═══ SUPPLIED DATA ═══
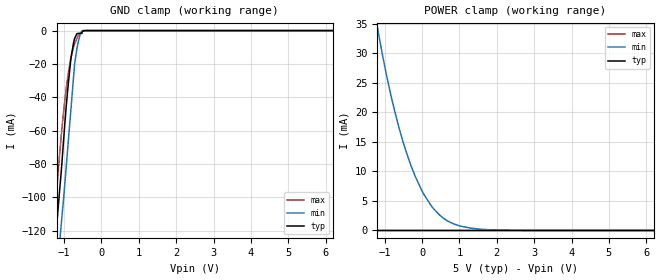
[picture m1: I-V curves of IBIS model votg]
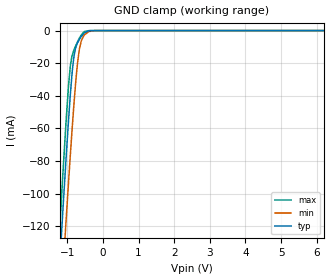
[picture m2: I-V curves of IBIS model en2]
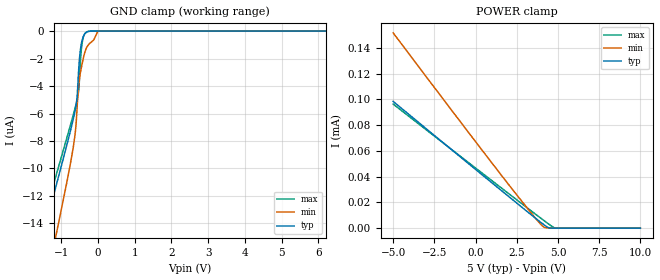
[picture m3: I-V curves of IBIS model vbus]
|Texas Instruments Incorporated
| USB OTG Companion Device with Vbus Over Voltage, Over Current Protection,
| and Four Channel ESD Clamp
| Marketing part#   Digital Voltage Range   Package-type   #pins
| TPD4S214YFFR   4.5V - 5.5V   WCSP-YFF   12
[IBIS Ver]   4.1
[File name]   tpd4s214.ibs
[File Rev]   1.0
[Date]   2/14/2013
[Source]
| Texas Instruments Incorporated.
| Analog-eLab Design Center, HPA
| 12500 TI Blvd
| Dallas, TX -75243
[Notes]   Revision History:
| Rev 1.0: 2/14/2013
| - Initial version of the model
| - Model generated from simulations in TISPICE
| - Model matched to SPICE simulation
| - C_comp although listed in numerical order of value are
|   obtained from varying PVT conditions. For PVT conditions for
|   each specific value refer the buffer description under
|   respective [Model]. IBIS model user is responsible for using
|   appropriate C_comp to simulate for Signal Integrity.
|*  EXCEPTION:   *
|*  - For model vbus, there will be a leakage current in the POWER   *
|*   clamp I-V Table because of the XMMN2 transistor connected to pad.   *
|*  - For model det_fltz, there will be a leakage current in the POWER   *
|*   clamp I-V Table because of the MMP0-MMP3 transistors connected   *
|*   to pad.   *
|*  - For model votg, there will be a leakage current in the power clamp   *
|*   I-V Table because of the BJT in the buffercell connected to pad.   *
|*  - For model votg, there will be a leakage current in the ground clamp   *
|*   I-V Table because of the pull down transistors in esd connected to pad *
|*  - For model adj , there will be a leakage current in the power clamp   *
|*   I-V Table because of the transistors in buffercell connected to pad.   *
|*  - For model dpm, there will be a leakage current in the power clamp   *
|*   I-V Table because of the diodes connected to pad.   *
[Disclaimer]
| This model is designed as an aid for customers of Texas Instruments.
| TI and its licensors and suppliers make no warranties, either expressed
| or implied, with respect to this  model, including the warranties of
| merchantability or fitness for a particular purpose. The model is
| provided solely on an "as is" basis. The entire risk as to its quality
| and performance is with the customer.
[Copyright]
(C) Copyright 2013 Texas Instruments Incorporated.All rights reserved.
|   TPD4S214
[Component]   TPD4S214
[Manufacturer]   TI
[Package]   |12 WCSP - YFF package
|   typ   min   max
R_pkg   0.00500   0.00500   0.00500
L_pkg   0.20000nH   0.20000nH   0.20000nH
C_pkg   0.60000pF   0.60000pF   0.60000pF
[Pin]  signal_name   model_name   R_pin   L_pin   C_pin
A1   VOTG_IN   votg   0.00500   0.20000nH  0.60000pF
A2   DET   det_fltz   0.00500   0.20000nH  0.60000pF
A3   VBUS   vbus   0.00500   0.20000nH  0.60000pF
B1   VOTG_IN   votg   0.00500   0.20000nH  0.60000pF
B2   _FLT   det_fltz   0.00500   0.20000nH  0.60000pF
B3   VBUS   vbus   0.00500   0.20000nH  0.60000pF
C1   EN   en2   0.00500   0.20000nH  0.60000pF
C2   GND   GND   0.00500   0.20000nH  0.60000pF
C3   ID   dpm   0.00500   0.20000nH  0.60000pF
D1   ADJ   adj   0.00500   0.20000nH  0.60000pF
D2   D-   dpm   0.00500   0.20000nH  0.60000pF
D3   D+   dpm   0.00500   0.20000nH  0.60000pF
| Models and submodels in the file (6): votg (Input), en2 (Input), vbus (Input), adj (Input), dpm (Input), det_fltz (Open_drain)
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|   votg Model
[Model]   votg
Model_type   Input
Vinl = 0.4
Vinh = 1.2
|   typ   min   max
|   (nom PVT)   (fast PVT)   (slow PVT)
C_comp   3.962e-11   3.771e-11   4.277e-11
| Where nom  PVT is Nominal Process, 5V, 27C
|   Fast PVT is Strong Process,  5.5V, -40C
|   Slow PVT is Weak Process,   4.5V, 125C
[Voltage Range]   5   4.5   5.5
|Junction Temperature
[Temperature Range]   27   125   -40
[Power Clamp Reference]   5   4.5   5.5
[GND Clamp Reference]   0   0   0
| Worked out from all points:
|   GND clamp passes 1 mA (typ) near -0.52 V on its own axis
[GND Clamp]
|   Voltage   I(typ)   I(min)   I(max)
-5V       -1.94A     -1.924A    -1.971A
-1.571V   -247.5mA   -268mA     -239.6mA
-1.252V   -132.9mA   -163.8mA   -113.8mA
-1.161V   -107.3mA   -138.6mA   -86.09mA
-1.135V   -100.3mA   -131.5mA   -78.72mA
-1.073V   -84.28mA   -115.8mA   -62.84mA
-940mV    -45.28mA   -81.39mA   -34.47mA
-814.5mV  -16.68mA   -47.05mA   -16.38mA
-715.5mV  -4.685mA   -19.85mA   -7.707mA
-617mV    -1.702mA   -6.545mA   -2.908mA
-513.5mV  -828.6uA   -751.5nA   -540.1uA
10V       0A         0A         0A
[POWER Clamp]
|   Voltage   I(typ)   I(min)   I(max)
-5V       281.4uA    381.5mA    275.4uA
-1.252V   0A         36.54mA    0A
-1.153V   0A         32.92mA    0A
-837.5mV  0A         23.01mA    0A
-611mV    0A         17.27mA    0A
-392mV    0A         12.71mA    0A
-182mV    0A         9.167mA    0A
62.5mV    0A         5.981mA    0A
310mV     0A         3.674mA    0A
881.5mV   0A         1.032mA    0A
2.165V    0A         44.13uA    0A
10V       0A         0A         0A
|   en2 Model
[Model]   en2
Model_type   Input
Vinl = 0.4
Vinh = 1.2
|   typ   min   max
|   (nom PVT)   (fast PVT)   (slow PVT)
C_comp   1.352e-12   1.322e-12   1.397e-12
| Where nom  PVT is Nominal Process, 5V, 27C
|   Fast PVT is Strong Process,  5.5V, -40C
|   Slow PVT is Weak Process,   4.5V, 125C
[Voltage Range]   5   4.5   5.5
|Junction Temperature
[Temperature Range]   27   125   -40
[Power Clamp Reference]   5   4.5   5.5
[GND Clamp Reference]   0   0   0
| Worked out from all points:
|   GND clamp passes 1 mA (typ) near -0.48 V on its own axis
[GND Clamp]
|   Voltage   I(typ)   I(min)   I(max)
-5V       -1.713A    -1.689A    -1.74A
-1.249V   -156.9mA   -193.4mA   -136mA
-1.128V   -111.9mA   -149.7mA   -89.65mA
-1.036V   -78.9mA    -117.2mA   -56.29mA
-968.5mV  -56.28mA   -94.31mA   -34.88mA
-919mV    -40.83mA   -77.93mA   -22.79mA
-825mV    -17.93mA   -48.66mA   -12.66mA
-750mV    -9.578mA   -28.4mA    -8.653mA
-666mV    -5.671mA   -12.26mA   -4.873mA
-517.5mV  -1.354mA   -2.604mA   -604.5uA
-221mV    -615.1nA   -15.94uA   -11.73nA
10V       0A         0A         0A
[POWER Clamp]
|   Voltage   I(typ)   I(min)   I(max)
-5V       0A         0A         0A
0V        0A         0A         0A
10V       0A         0A         0A
|   vbus Model
[Model]   vbus
Model_type   Input
Vinl = 0.4
Vinh = 1.2
|   typ   min   max
|   (nom PVT)   (fast PVT)   (slow PVT)
C_comp   6.001e-11   5.821e-11   6.190e-11
| Where nom  PVT is Nominal Process, 5V, 27C
|   Fast PVT is Strong Process,  5.5V, -40C
|   Slow PVT is Weak Process,   4.5V, 125C
[Voltage Range]   5   4.5   5.5
|Junction Temperature
[Temperature Range]   27   125   -40
[Power Clamp Reference]   5   4.5   5.5
[GND Clamp Reference]   0   0   0
[GND Clamp]
|   Voltage   I(typ)   I(min)   I(max)
-5V       -49.9uA    -63.81uA   -46.34uA
-1.249V   -12.38uA   -16.26uA   -11.53uA
-1.036V   -10.22uA   -13.51uA   -9.547uA
-747.5mV  -7.256uA   -9.631uA   -6.843uA
-610mV    -5.631uA   -7.228uA   -5.485uA
-565mV    -4.741uA   -5.501uA   -4.978uA
-534mV    -3.281uA   -4.273uA   -4.541uA
-457mV    -1.018uA   -2.747uA   -1.51uA
-396.5mV  -396.4nA   -1.971uA   -440.5nA
-303mV    -69.99nA   -1.169uA   -52.39nA
-500uV    0A         0A         0A
10V       0A         0A         0A
[POWER Clamp]
|   Voltage   I(typ)   I(min)   I(max)
-5V       98.47uA    151.7uA    96.4uA
1.523V    29.69uA    41.87uA    31.66uA
3.582V    8.326uA    8.531uA    11.42uA
4.099V    3.146uA    1.321uA    6.403uA
4.215V    2.046uA    476.9nA    5.291uA
4.441V    266.1nA    185.5nA    3.155uA
4.834V    0A         0A         112.4nA
10V       0A         0A         0A
═══
● TASK OBJECTIVE:
From the first line of the entries down to the line with "Channel ESD Clamp", print each line exactly; omit any picture.

● OUTPUT FOR THIS EXERCISE:
[picture m1: I-V curves of IBIS model votg]
[picture m2: I-V curves of IBIS model en2]
[picture m3: I-V curves of IBIS model vbus]
|Texas Instruments Incorporated
| USB OTG Companion Device with Vbus Over Voltage, Over Current Protection,
| and Four Channel ESD Clamp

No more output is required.